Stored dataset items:
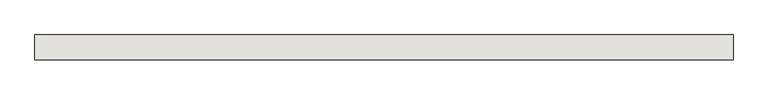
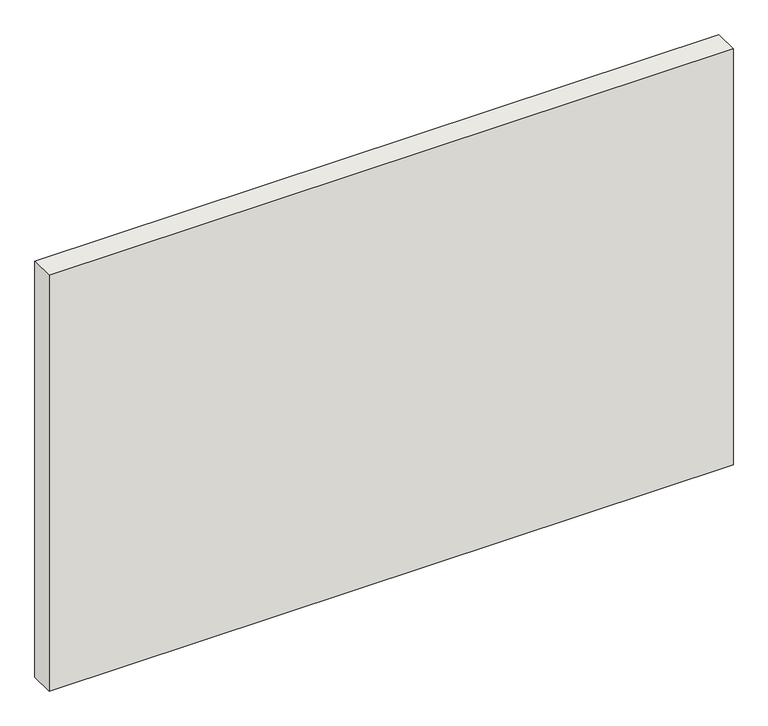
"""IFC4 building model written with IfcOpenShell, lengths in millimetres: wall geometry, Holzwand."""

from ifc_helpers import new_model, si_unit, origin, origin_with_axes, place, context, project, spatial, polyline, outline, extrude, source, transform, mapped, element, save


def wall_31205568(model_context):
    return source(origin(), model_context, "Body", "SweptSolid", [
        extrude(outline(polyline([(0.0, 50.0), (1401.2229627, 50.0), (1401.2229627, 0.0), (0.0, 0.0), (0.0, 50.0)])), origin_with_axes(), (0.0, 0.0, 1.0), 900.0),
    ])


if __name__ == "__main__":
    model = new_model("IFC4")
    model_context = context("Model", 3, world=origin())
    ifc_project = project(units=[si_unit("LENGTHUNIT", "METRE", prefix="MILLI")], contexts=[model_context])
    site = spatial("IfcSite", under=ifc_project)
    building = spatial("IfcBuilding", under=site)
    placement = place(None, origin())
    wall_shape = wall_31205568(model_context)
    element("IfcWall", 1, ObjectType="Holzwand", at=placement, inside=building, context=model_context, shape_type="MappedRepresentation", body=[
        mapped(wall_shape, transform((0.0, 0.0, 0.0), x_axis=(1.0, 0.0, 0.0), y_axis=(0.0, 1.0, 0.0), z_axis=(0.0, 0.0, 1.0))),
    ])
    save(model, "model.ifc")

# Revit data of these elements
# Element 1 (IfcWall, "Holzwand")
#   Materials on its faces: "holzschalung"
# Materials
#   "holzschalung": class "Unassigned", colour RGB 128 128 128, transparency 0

Problem to solve: Your output is the lines from the top of the entries through the line containing "wall_shape = wall_31205568(model_context)", exactly as they stand. No pictures belong in it.

Final answer:
"""IFC4 building model written with IfcOpenShell, lengths in millimetres: wall geometry, Holzwand."""

from ifc_helpers import new_model, si_unit, origin, origin_with_axes, place, context, project, spatial, polyline, outline, extrude, source, transform, mapped, element, save


def wall_31205568(model_context):
    return source(origin(), model_context, "Body", "SweptSolid", [
        extrude(outline(polyline([(0.0, 50.0), (1401.2229627, 50.0), (1401.2229627, 0.0), (0.0, 0.0), (0.0, 50.0)])), origin_with_axes(), (0.0, 0.0, 1.0), 900.0),
    ])


if __name__ == "__main__":
    model = new_model("IFC4")
    model_context = context("Model", 3, world=origin())
    ifc_project = project(units=[si_unit("LENGTHUNIT", "METRE", prefix="MILLI")], contexts=[model_context])
    site = spatial("IfcSite", under=ifc_project)
    building = spatial("IfcBuilding", under=site)
    placement = place(None, origin())
    wall_shape = wall_31205568(model_context)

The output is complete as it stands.